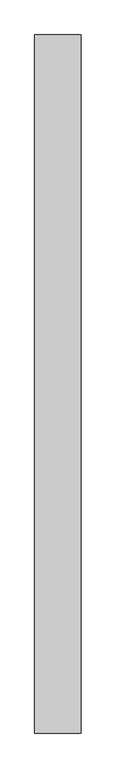
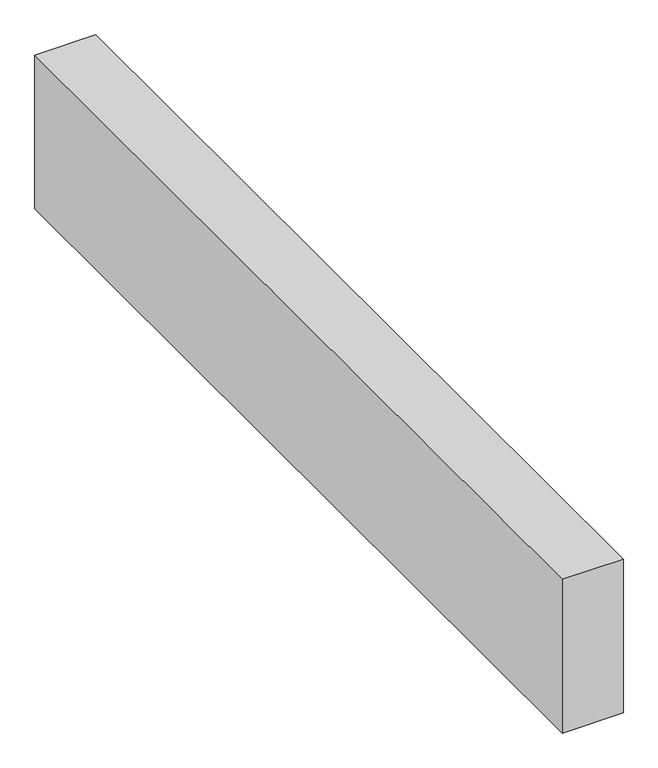
"""IFC4 building model written with IfcOpenShell, lengths in millimetres: proxy geometry, Structure027 331 : Structure027 331."""

import ifcopenshell
import ifcopenshell.guid

model = None  # the IFC model being written
_history = None  # IfcOwnerHistory: only IFC2X3 demands one
_inside = {}  # id of a spatial element -> (the spatial element, [elements in it])
_under = {}  # id of a project, library or spatial element -> (it, [spatial elements below it])
_declared = {}  # id of a project -> (the project, [libraries it declares])
_typed = {}  # id of a type object -> (the type object, [elements of that type])
_made_of = {}  # id of a material, layer set ... -> (it, [elements and type objects made of it])


def new_model(schema):
    """Start an empty IFC model of exactly this schema.

    Asked for "IFC4X3", IfcOpenShell would pick the latest addendum, in which some entities
    have other attributes; the version numbers below select the first issue.
    IFC2X3 requires an IfcOwnerHistory on every rooted entity: one is made here for all.
    """
    global model, _history
    if schema == "IFC4X3":
        model = ifcopenshell.file(schema_version=(4, 3, 0, 0))
    else:
        model = ifcopenshell.file(schema=schema)
    _inside.clear()
    _under.clear()
    _declared.clear()
    _typed.clear()
    _made_of.clear()
    _history = None
    if model.schema == "IFC2X3":
        org = make("IfcOrganization", Name="unknown")
        user = make(
            "IfcPersonAndOrganization",
            ThePerson=make("IfcPerson", FamilyName="unknown"),
            TheOrganization=org,
        )
        app = make(
            "IfcApplication",
            ApplicationDeveloper=org,
            Version="unknown",
            ApplicationFullName="unknown",
            ApplicationIdentifier="unknown",
        )
        _history = make(
            "IfcOwnerHistory",
            OwningUser=user,
            OwningApplication=app,
            ChangeAction="ADDED",
            CreationDate=0,
        )
    return model


def make(cls, **values):
    """One entity of the class cls with the attributes given. An attribute that is None is left unset."""
    return model.create_entity(
        cls, **{name: value for name, value in values.items() if value is not None}
    )


def rooted(cls, **values):
    """An entity with a GlobalId (a new one), such as an element, a storey or a relation."""
    return make(cls, GlobalId=ifcopenshell.guid.new(), OwnerHistory=_history, **values)


def si_unit(unit_type, name, prefix=None):
    """IfcSIUnit, for example si_unit("LENGTHUNIT", "METRE", prefix="MILLI")."""
    return make("IfcSIUnit", UnitType=unit_type, Prefix=prefix, Name=name)


def assignment(units):
    """IfcUnitAssignment: the units of a project."""
    return None if units is None else make("IfcUnitAssignment", Units=units)


def point(xyz):
    """IfcCartesianPoint."""
    return None if xyz is None else make("IfcCartesianPoint", Coordinates=xyz)


def direction(xyz):
    """IfcDirection."""
    return None if xyz is None else make("IfcDirection", DirectionRatios=xyz)


def frame(location, z_axis=None, x_axis=None):
    """IfcAxis2Placement3D, a coordinate frame: its origin and axes. An axis left out is left unset."""
    return make(
        "IfcAxis2Placement3D",
        Location=point(location),
        Axis=direction(z_axis),
        RefDirection=direction(x_axis),
    )


def origin():
    """The frame at (0, 0, 0) with its axes left unset."""
    return frame((0.0, 0.0, 0.0))


def place(relative_to, where):
    """IfcLocalPlacement: puts the frame where relative to a parent placement (None: the world)."""
    return make(
        "IfcLocalPlacement", PlacementRelTo=relative_to, RelativePlacement=where
    )


def context(
    kind, dimensions, precision=None, world=None, true_north=None, identifier=None
):
    """IfcGeometricRepresentationContext, for example the 3D "Model" context."""
    return make(
        "IfcGeometricRepresentationContext",
        ContextIdentifier=identifier,
        ContextType=kind,
        CoordinateSpaceDimension=dimensions,
        Precision=precision,
        WorldCoordinateSystem=world,
        TrueNorth=true_north,
    )


def project(units=None, contexts=None):
    """IfcProject with its units and contexts."""
    return rooted(
        "IfcProject",
        Name="project",
        RepresentationContexts=contexts,
        UnitsInContext=assignment(units),
    )


def spatial(cls, under=None, at=None, **own):
    """A site, building, storey or space (cls), placed at a placement, below another one or the project."""
    s = rooted(cls, ObjectPlacement=at, **own)
    if under is not None:
        _under.setdefault(under.id(), (under, []))[1].append(s)
    return s


def polyline(points):
    """IfcPolyline through the points."""
    return make("IfcPolyline", Points=[point(p) for p in points])


def outline(outer, holes=None, kind="AREA"):
    """IfcArbitraryClosedProfileDef: a profile drawn as a closed curve; with holes, ...WithVoids."""
    if holes is None:
        return make("IfcArbitraryClosedProfileDef", ProfileType=kind, OuterCurve=outer)
    return make(
        "IfcArbitraryProfileDefWithVoids",
        ProfileType=kind,
        OuterCurve=outer,
        InnerCurves=holes,
    )


def extrude(swept, where, along, depth):
    """IfcExtrudedAreaSolid: the profile swept, set in the frame where, extruded along a direction by depth."""
    return make(
        "IfcExtrudedAreaSolid",
        SweptArea=swept,
        Position=where,
        ExtrudedDirection=direction(along),
        Depth=depth,
    )


def shape(context_of_items, identifier, shape_type, items):
    """IfcShapeRepresentation: the items that make up one representation, for example the "Body"."""
    return make(
        "IfcShapeRepresentation",
        ContextOfItems=context_of_items,
        RepresentationIdentifier=identifier,
        RepresentationType=shape_type,
        Items=items,
    )


def source(mapping_origin, context_of_items, identifier, shape_type, items):
    """IfcRepresentationMap: a shape defined once, which mapped items show again and again."""
    return make(
        "IfcRepresentationMap",
        MappingOrigin=mapping_origin,
        MappedRepresentation=shape(context_of_items, identifier, shape_type, items),
    )


def transform(
    local_origin,
    x_axis=None,
    y_axis=None,
    z_axis=None,
    scale=None,
    scale2=None,
    scale3=None,
    uniform=True,
):
    """IfcCartesianTransformationOperator3D, or its non-uniform kind. x_axis, y_axis, z_axis: its Axis1, 2, 3."""
    if uniform:
        return make(
            "IfcCartesianTransformationOperator3D",
            Axis1=direction(x_axis),
            Axis2=direction(y_axis),
            LocalOrigin=point(local_origin),
            Scale=scale,
            Axis3=direction(z_axis),
        )
    return make(
        "IfcCartesianTransformationOperator3DnonUniform",
        Axis1=direction(x_axis),
        Axis2=direction(y_axis),
        LocalOrigin=point(local_origin),
        Scale=scale,
        Axis3=direction(z_axis),
        Scale2=scale2,
        Scale3=scale3,
    )


def mapped(mapping_source, mapping_target):
    """IfcMappedItem: shows the shape of a source again, moved by a transform."""
    return make(
        "IfcMappedItem", MappingSource=mapping_source, MappingTarget=mapping_target
    )


def made_of(thing, what):
    """Note that an element or type object is made of a material, layer set ...; save() writes the relation."""
    if what is not None:
        _made_of.setdefault(what.id(), (what, []))[1].append(thing)
    return thing


def element(
    cls,
    number,
    at=None,
    inside=None,
    cuts=None,
    type_object=None,
    material=None,
    context=None,
    identifier="Body",
    shape_type=None,
    held_by="IfcProductDefinitionShape",
    body=None,
    shapes=None,
    **own,
):
    """One element of the class cls, such as IfcWall. Its Tag is "e" and its number.

    at: its placement. inside: the storey or other place that contains it. cuts: it is an
    opening in that element (IfcRelVoidsElement). A single representation is given by context,
    identifier, shape_type and body (its items); several are given by shapes. held_by: the class
    of the entity that holds the representations. save() writes the other relations.
    """
    e = rooted(cls, Tag="e%d" % number, ObjectPlacement=at, **own)
    if body is not None:
        shapes = [shape(context, identifier, shape_type, body)]
    if shapes is not None:
        e.Representation = make(held_by, Representations=shapes)
    if inside is not None:
        _inside.setdefault(inside.id(), (inside, []))[1].append(e)
    if cuts is not None:
        rooted(
            "IfcRelVoidsElement", RelatingBuildingElement=cuts, RelatedOpeningElement=e
        )
    if type_object is not None:
        _typed.setdefault(type_object.id(), (type_object, []))[1].append(e)
    return made_of(e, material)


def aggregate(whole, parts):
    """IfcRelAggregates: a whole, such as a stair, and the parts it consists of."""
    return rooted("IfcRelAggregates", RelatingObject=whole, RelatedObjects=parts)


def save(model, path):
    """Write the relations noted so far, then the file.

    IfcRelAggregates (storeys below a building ...), IfcRelContainedInSpatialStructure (elements
    in a storey), IfcRelDefinesByType, IfcRelAssociatesMaterial and IfcRelDeclares: one each for
    every whole, place, type object, material and project.
    """
    for whole, parts in _under.values():
        aggregate(whole, parts)
    for where, things in _inside.values():
        rooted(
            "IfcRelContainedInSpatialStructure",
            RelatedElements=things,
            RelatingStructure=where,
        )
    for kind, things in _typed.values():
        rooted("IfcRelDefinesByType", RelatedObjects=things, RelatingType=kind)
    for what, things in _made_of.values():
        rooted("IfcRelAssociatesMaterial", RelatedObjects=things, RelatingMaterial=what)
    for by, libraries in _declared.values():
        rooted("IfcRelDeclares", RelatingContext=by, RelatedDefinitions=libraries)
    model.write(path)


def generic_models_7d935cd3(model_context):
    return source(origin(), model_context, "Body", "SweptSolid", [
        extrude(outline(polyline([(-9755.5737014, 7982.1531721), (-9888.9237014, 7982.1531721), (-9888.9237014, 9982.1531721), (-9755.5737014, 9982.1531721), (-9755.5737014, 7982.1531721)])), frame((0.0, 0.0, 39579.2960083), z_axis=(0.0, 0.0, 1.0), x_axis=(1.0, 0.0, 0.0)), (0.0, 0.0, 1.0), 355.6),
    ])


if __name__ == "__main__":
    model = new_model("IFC4")
    model_context = context("Model", 3, world=origin())
    ifc_project = project(units=[si_unit("LENGTHUNIT", "METRE", prefix="MILLI")], contexts=[model_context])
    site = spatial("IfcSite", under=ifc_project)
    building = spatial("IfcBuilding", under=site)
    placement = place(None, origin())
    generic_models_shape = generic_models_7d935cd3(model_context)
    element("IfcBuildingElementProxy", 1, Name="Structure027 331 : Structure027 331", ObjectType="Structure027 331 : Structure027 331", at=placement, inside=building, context=model_context, shape_type="MappedRepresentation", body=[
        mapped(generic_models_shape, transform((0.0, 0.0, 0.0), x_axis=(1.0, 0.0, 0.0), y_axis=(0.0, 1.0, 0.0), z_axis=(0.0, 0.0, 1.0))),
    ])
    save(model, "model.ifc")

# Revit data of these elements
# Type "Structure027 331 : Structure027 331"
#   NameOverride = "Structure027"
# Element 1 (IfcBuildingElementProxy, "Structure027 331 : Structure027 331")
#   Materials on its faces: "STRUCTURAL MEMBER (SEE STRUCTURAL DWGS)"
# Materials
#   "STRUCTURAL MEMBER (SEE STRUCTURAL DWGS)": class "Unassigned", colour RGB 176 134 95, transparency 0, Cost = 0

Your goal | There is a line with "that an element" and a line with "opening in that" above. Copy exactly those two lines and all lines between them, with nothing else.

Solution for this task |
    """Note that an element or type object is made of a material, layer set ...; save() writes the relation."""
    if what is not None:
        _made_of.setdefault(what.id(), (what, []))[1].append(thing)
    return thing


def element(
    cls,
    number,
    at=None,
    inside=None,
    cuts=None,
    type_object=None,
    material=None,
    context=None,
    identifier="Body",
    shape_type=None,
    held_by="IfcProductDefinitionShape",
    body=None,
    shapes=None,
    **own,
):
    """One element of the class cls, such as IfcWall. Its Tag is "e" and its number.

    at: its placement. inside: the storey or other place that contains it. cuts: it is an
    opening in that element (IfcRelVoidsElement). A single representation is given by context,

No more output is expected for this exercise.